> [Work instruction] Only the first line of the listing and the lines after it, up to and including the one containing "[libraries it declares])", should be retyped exactly.
*** Opening Task material ***
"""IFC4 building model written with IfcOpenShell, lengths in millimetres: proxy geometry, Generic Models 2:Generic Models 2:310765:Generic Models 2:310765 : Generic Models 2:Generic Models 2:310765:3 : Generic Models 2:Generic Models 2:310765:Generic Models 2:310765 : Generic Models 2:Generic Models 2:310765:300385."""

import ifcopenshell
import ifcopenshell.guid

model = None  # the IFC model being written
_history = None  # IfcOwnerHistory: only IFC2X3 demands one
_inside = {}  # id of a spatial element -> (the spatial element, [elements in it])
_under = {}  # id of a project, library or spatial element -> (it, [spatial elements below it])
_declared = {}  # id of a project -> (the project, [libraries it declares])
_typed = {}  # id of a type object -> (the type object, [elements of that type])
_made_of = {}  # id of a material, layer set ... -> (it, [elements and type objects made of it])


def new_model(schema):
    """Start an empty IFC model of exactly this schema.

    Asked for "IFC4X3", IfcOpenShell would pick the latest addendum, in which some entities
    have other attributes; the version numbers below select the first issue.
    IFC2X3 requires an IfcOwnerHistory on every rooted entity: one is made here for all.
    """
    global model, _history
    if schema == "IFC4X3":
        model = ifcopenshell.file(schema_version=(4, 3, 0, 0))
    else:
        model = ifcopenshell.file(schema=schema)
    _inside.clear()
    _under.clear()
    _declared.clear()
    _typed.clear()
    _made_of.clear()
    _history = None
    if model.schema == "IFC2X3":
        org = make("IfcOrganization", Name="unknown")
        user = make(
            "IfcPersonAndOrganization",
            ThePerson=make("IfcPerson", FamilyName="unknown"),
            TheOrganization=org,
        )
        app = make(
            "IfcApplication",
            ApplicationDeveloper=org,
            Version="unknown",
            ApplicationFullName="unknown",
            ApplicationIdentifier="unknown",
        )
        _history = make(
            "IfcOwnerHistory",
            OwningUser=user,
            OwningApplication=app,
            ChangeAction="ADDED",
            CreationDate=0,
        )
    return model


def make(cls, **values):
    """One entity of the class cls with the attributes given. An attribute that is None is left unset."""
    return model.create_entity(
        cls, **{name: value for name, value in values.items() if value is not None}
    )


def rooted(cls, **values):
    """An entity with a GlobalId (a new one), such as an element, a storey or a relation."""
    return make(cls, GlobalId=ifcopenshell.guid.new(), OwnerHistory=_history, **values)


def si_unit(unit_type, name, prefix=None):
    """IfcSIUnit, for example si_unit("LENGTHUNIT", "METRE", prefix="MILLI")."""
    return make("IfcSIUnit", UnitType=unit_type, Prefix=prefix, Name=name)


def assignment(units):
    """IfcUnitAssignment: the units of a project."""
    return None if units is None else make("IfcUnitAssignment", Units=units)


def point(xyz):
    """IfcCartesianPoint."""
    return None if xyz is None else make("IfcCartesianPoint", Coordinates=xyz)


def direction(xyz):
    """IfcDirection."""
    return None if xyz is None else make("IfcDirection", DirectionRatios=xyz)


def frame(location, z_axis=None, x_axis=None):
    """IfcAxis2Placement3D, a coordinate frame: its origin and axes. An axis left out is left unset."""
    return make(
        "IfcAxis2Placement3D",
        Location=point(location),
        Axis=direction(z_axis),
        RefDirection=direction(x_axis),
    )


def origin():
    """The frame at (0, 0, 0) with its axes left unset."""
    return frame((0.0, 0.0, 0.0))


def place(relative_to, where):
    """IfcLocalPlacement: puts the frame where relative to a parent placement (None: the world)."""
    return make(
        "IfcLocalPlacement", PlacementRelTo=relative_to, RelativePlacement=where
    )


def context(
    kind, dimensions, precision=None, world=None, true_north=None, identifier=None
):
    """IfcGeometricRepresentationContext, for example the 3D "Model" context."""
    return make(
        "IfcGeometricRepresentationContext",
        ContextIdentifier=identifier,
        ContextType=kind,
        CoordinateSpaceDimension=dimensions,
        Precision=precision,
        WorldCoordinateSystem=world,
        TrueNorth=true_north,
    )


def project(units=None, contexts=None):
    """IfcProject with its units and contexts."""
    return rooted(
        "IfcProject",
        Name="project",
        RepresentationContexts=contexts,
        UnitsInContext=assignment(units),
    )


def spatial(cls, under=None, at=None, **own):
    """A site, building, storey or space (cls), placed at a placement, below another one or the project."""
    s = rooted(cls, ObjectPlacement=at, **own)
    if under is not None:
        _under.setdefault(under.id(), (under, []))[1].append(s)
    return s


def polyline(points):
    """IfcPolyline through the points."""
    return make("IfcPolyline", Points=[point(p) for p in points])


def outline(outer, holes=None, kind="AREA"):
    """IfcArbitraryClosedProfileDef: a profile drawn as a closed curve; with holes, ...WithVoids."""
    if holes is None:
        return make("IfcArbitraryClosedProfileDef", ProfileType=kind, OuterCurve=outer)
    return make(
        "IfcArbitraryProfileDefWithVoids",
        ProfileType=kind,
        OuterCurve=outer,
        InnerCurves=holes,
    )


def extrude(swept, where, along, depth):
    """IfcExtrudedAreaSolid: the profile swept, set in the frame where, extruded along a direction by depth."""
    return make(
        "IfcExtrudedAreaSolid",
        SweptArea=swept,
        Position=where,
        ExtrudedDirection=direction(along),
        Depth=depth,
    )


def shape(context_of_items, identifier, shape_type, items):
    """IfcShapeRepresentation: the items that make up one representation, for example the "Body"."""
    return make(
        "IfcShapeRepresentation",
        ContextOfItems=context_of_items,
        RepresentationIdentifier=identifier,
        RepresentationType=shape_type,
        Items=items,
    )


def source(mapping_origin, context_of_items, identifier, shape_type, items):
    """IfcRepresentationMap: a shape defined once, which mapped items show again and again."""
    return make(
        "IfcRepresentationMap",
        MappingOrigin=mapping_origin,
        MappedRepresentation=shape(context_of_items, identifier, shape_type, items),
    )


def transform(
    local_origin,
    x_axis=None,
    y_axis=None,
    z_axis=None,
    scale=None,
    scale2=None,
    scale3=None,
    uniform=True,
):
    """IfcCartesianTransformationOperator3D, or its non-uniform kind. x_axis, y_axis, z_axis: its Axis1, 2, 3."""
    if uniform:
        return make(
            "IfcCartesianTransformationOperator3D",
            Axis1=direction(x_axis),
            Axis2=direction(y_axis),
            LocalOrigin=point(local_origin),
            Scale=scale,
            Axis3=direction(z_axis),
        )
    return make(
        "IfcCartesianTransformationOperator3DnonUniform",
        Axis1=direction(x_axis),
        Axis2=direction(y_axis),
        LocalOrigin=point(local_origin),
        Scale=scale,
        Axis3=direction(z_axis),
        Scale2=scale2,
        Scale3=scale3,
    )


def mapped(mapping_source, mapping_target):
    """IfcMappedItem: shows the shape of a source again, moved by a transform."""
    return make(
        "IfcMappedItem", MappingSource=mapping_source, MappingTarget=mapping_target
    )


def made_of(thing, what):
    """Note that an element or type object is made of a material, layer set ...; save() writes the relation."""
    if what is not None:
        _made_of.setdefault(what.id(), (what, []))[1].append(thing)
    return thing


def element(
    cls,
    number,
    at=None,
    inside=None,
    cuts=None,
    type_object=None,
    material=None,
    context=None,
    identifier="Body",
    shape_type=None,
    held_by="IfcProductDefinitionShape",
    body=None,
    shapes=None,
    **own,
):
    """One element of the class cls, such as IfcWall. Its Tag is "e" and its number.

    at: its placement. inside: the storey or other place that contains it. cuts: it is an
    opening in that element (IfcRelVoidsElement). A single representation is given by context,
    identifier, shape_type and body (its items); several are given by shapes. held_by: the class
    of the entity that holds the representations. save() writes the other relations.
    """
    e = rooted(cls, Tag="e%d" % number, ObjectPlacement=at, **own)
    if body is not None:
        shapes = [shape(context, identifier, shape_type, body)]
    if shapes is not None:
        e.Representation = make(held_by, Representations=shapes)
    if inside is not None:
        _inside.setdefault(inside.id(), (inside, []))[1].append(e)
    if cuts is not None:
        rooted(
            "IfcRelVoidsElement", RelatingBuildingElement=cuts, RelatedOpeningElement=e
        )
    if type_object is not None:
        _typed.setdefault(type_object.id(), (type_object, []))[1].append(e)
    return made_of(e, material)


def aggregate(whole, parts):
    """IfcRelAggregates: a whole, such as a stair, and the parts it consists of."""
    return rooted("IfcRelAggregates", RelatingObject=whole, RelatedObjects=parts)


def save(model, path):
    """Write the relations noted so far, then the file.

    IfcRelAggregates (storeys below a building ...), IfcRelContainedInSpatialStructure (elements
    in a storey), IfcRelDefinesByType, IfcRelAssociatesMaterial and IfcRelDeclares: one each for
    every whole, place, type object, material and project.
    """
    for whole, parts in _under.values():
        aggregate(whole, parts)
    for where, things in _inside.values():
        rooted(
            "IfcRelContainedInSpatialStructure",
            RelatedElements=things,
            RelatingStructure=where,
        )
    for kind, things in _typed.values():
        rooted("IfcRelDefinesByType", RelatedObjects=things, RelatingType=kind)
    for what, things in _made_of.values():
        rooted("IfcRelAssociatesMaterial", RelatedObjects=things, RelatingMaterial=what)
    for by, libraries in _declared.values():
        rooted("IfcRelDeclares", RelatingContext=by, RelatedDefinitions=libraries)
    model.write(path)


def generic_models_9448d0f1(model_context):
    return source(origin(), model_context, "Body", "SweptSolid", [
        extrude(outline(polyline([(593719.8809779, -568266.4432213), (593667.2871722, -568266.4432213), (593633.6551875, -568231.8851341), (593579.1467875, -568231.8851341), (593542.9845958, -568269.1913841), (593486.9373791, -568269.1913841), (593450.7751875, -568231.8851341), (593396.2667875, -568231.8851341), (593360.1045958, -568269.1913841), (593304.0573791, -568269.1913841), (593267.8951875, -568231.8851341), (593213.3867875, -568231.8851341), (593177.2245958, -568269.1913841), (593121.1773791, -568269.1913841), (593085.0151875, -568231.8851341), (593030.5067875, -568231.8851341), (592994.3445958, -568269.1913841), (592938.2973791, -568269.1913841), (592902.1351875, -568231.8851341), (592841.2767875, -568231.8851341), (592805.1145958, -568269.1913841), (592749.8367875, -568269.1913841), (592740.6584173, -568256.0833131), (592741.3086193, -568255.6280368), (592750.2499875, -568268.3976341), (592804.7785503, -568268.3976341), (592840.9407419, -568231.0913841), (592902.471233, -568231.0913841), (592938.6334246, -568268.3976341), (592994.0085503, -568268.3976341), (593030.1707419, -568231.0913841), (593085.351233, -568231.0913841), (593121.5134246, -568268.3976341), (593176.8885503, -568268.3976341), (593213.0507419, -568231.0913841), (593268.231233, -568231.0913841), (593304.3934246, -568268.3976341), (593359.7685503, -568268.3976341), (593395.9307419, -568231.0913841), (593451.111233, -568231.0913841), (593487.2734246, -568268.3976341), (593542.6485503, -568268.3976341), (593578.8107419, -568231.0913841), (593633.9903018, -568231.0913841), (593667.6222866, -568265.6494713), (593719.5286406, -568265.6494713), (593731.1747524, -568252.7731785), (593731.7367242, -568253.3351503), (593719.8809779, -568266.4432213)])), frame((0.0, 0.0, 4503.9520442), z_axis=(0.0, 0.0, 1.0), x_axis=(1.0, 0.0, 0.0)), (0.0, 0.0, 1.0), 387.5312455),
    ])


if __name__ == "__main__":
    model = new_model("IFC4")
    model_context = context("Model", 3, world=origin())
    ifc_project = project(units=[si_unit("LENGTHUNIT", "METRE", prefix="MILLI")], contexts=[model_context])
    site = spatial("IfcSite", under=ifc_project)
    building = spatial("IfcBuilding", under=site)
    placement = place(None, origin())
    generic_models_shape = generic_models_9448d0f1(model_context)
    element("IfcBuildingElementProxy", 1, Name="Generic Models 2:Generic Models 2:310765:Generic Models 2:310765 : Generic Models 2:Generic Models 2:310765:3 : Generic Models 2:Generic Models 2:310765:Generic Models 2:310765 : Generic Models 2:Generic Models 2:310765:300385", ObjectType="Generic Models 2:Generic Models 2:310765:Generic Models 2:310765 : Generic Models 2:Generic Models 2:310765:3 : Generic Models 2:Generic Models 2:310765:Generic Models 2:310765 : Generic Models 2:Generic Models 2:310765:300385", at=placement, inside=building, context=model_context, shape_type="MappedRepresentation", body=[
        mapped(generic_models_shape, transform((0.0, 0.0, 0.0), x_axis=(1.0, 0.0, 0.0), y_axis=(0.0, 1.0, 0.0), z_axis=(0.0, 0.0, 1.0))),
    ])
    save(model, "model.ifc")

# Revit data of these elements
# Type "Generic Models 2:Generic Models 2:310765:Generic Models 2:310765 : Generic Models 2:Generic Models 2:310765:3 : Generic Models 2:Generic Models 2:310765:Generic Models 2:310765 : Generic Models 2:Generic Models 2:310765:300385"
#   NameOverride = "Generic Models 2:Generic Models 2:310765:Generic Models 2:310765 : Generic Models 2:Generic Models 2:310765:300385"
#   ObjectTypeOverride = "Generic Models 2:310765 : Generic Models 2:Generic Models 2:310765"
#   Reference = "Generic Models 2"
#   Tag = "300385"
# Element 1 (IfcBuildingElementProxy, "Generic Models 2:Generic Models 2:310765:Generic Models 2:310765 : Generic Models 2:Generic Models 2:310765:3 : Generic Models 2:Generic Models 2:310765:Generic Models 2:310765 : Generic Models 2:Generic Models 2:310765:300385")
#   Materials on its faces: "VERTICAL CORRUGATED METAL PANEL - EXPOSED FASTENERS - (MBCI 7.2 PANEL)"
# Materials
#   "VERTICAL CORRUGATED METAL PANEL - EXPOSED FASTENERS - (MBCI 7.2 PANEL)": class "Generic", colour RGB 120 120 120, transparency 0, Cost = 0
*** Closing Task material ***
> [Answer for this exercise]
"""IFC4 building model written with IfcOpenShell, lengths in millimetres: proxy geometry, Generic Models 2:Generic Models 2:310765:Generic Models 2:310765 : Generic Models 2:Generic Models 2:310765:3 : Generic Models 2:Generic Models 2:310765:Generic Models 2:310765 : Generic Models 2:Generic Models 2:310765:300385."""

import ifcopenshell
import ifcopenshell.guid

model = None  # the IFC model being written
_history = None  # IfcOwnerHistory: only IFC2X3 demands one
_inside = {}  # id of a spatial element -> (the spatial element, [elements in it])
_under = {}  # id of a project, library or spatial element -> (it, [spatial elements below it])
_declared = {}  # id of a project -> (the project, [libraries it declares])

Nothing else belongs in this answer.